I have some kittens you could look at. Their mother has been bringing them mice and you should see the little guys go after them! I not only don't have mice, I have nothing larger then a cricket come in my house and sometimes they hunt the houseflies for fun.

If you prefer dogs, Ninn is right on about the terriers. I once saw a jack russell stand over a hole for 4 hours. The rat had only two ways out and Champers had them both covered. Stand isn't exactly the word, more like bouncing between the two openings, growling and trying to dig his way in. He was there when I came and there when I left and I have no doubt he got it.


----------



## Windy_jem (Feb 19, 2006)

Wanna borrow my pet snakes? lol

I hope you figure this out soon...


----------



## MaryB (Jul 6, 2008)

I definately vote for the CAT. I dont care for them a whole lot, but my goodness, they came in here and swiped the place clean!


----------



## manygoatsnmore (Feb 12, 2005)

Another vote for cats here.  I'd definitely give the peppermint a try, too, if I was still having mouse problems where the cats couldn't reach.


----------



## sewsilly (May 16, 2004)

I live in an 100+ year old house... a big old farm house... it's a 'two cat' sized house... two inside and two outside... sounds drastic, but no mice at all. We once had a cat who put the caught mice in the toilet... and sat and watched them swim... made for some odd adventures in the middle of the night. 
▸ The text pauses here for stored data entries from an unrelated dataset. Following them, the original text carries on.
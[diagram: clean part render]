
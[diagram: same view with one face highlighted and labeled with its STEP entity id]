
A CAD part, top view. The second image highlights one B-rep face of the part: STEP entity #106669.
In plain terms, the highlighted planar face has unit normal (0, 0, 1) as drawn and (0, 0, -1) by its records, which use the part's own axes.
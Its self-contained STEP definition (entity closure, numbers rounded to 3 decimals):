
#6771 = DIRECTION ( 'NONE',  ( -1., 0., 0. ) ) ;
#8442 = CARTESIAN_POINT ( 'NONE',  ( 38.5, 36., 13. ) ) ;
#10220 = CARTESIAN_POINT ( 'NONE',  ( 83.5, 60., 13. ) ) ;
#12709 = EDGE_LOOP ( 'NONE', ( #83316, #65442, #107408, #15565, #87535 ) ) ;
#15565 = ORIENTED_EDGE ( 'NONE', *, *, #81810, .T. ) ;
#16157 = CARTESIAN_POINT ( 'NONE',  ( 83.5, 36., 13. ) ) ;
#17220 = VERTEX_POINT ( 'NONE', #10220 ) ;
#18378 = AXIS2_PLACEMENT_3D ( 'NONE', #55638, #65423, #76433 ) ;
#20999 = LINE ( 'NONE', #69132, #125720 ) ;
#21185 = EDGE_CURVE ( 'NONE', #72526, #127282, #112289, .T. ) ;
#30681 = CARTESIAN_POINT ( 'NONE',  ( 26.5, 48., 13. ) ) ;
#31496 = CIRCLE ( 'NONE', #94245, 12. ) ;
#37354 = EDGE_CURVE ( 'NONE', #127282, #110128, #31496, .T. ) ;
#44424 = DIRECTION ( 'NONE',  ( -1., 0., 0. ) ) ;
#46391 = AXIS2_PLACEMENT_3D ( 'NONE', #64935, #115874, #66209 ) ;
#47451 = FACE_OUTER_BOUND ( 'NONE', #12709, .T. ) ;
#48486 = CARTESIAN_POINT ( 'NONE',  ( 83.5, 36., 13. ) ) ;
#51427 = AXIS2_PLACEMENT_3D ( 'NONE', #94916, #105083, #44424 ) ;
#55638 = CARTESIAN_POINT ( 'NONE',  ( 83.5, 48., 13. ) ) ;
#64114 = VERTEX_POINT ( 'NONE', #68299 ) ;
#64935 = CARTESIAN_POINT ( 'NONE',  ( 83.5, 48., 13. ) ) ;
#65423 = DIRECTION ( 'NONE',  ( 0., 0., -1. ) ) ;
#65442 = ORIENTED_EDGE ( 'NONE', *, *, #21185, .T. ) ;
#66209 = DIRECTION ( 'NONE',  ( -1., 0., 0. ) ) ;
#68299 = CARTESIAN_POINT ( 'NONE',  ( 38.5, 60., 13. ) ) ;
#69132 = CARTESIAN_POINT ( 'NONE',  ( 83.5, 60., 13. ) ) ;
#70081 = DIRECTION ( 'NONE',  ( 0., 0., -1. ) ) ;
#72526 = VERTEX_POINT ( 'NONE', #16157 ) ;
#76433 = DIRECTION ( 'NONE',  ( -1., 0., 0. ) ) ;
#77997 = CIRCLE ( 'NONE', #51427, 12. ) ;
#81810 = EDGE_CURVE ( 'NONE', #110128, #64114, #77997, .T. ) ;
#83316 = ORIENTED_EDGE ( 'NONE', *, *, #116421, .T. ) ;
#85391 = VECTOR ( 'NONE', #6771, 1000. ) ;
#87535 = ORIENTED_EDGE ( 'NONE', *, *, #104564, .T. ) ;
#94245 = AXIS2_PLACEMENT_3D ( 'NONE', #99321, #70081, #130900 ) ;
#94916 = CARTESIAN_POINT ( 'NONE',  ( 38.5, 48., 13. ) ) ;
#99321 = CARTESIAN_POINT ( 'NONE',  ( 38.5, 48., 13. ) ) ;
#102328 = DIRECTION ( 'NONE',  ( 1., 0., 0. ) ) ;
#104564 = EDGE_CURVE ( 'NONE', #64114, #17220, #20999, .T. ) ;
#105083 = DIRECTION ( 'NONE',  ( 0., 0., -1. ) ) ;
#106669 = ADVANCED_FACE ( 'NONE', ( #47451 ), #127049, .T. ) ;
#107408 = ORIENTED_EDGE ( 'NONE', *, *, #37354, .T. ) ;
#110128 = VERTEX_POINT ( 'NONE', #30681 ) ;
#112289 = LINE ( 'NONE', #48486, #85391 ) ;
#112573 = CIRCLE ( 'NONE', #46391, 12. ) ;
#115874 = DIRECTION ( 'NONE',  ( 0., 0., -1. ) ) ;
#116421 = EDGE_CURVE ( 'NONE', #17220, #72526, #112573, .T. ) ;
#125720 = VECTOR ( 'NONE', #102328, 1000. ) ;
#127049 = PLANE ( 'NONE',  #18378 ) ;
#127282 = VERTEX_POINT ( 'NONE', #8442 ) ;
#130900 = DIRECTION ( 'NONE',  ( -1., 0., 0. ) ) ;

I tried all the other things... Here, mouse free with cats for 25 years.

dawn


----------



## debik70 (Jun 25, 2008)

We had a horrible time with mice and we tried everything. The only thing that worked was getting a cat. The only downfall is I have to take Zyrtec everyday so I can live in my own house.lol But I can make due considering there are no more mice.


----------



## ZMTmom (Jan 30, 2008)

Cats here too...I've never even seen a mouse around here(except outside, so I know they're around). I think they SMELL the cats and don't even bother coming in.


----------



## Candace (Jan 14, 2008)

We have two inside cats. One doesn't have a clue. The other one doesn't catch the mice but she tells us where they are by staring at the location. That's how we figured out where the mice were getting in. We also have an old farmhouse (1875) and it's easy for them to get in. The place came with a cat who works very hard at keeping them at bay but the ones he misses, we use the inside "pointer" to let us know where to put the traps. We use the snap traps and also put peanut butter put way back inside the trap so they have to stick their little head in there to get it. I use the natural peanut butter because it is runny and there is no chance of them grabbing a chunk and running off. LOVE the peppermint idea and am going to give that a try soon also. Just like when it gets cold the little darlings come inside, seems like they do the same in the heat to get to where it's cooler. You're probably already doing this but I put everything in a container. Dishes are always done at night, pet food taken up from the kitchen floor and the garbage has a top. If they're going to steal my food, they're going to have to work at it. So far, we've been able to nip it in the bud. Good luck and let us know what finally works for you!


----------



## naturewoman (Nov 12, 2002)

The only mice I have in my house are the ones the cats bring in and accidentally let loose in the house. They don't last long Within a day or two at most they are caught again. A good mouser cat or small rat terrier or other rodent catching terrier is priceless. I have a terrier lab mix who catches gophers and rodents when we go for walks. She can hear the tiniest noise and just goes right to them. But at home the cats are the best. I was overrun with rodents (mostly chipmunks, which I loved but were very destructive) until I got my cats and now not a bit of trouble. But I love cats and dogs. Ferrets are good mousers too, but they can be a bit smellier than a cat.


----------



## Lynn Bodoni (Feb 10, 2008)

ZMTmom said:


> Cats here too...I've never even seen a mouse around here(except outside, so I know they're around). I think they SMELL the cats and don't even bother coming in.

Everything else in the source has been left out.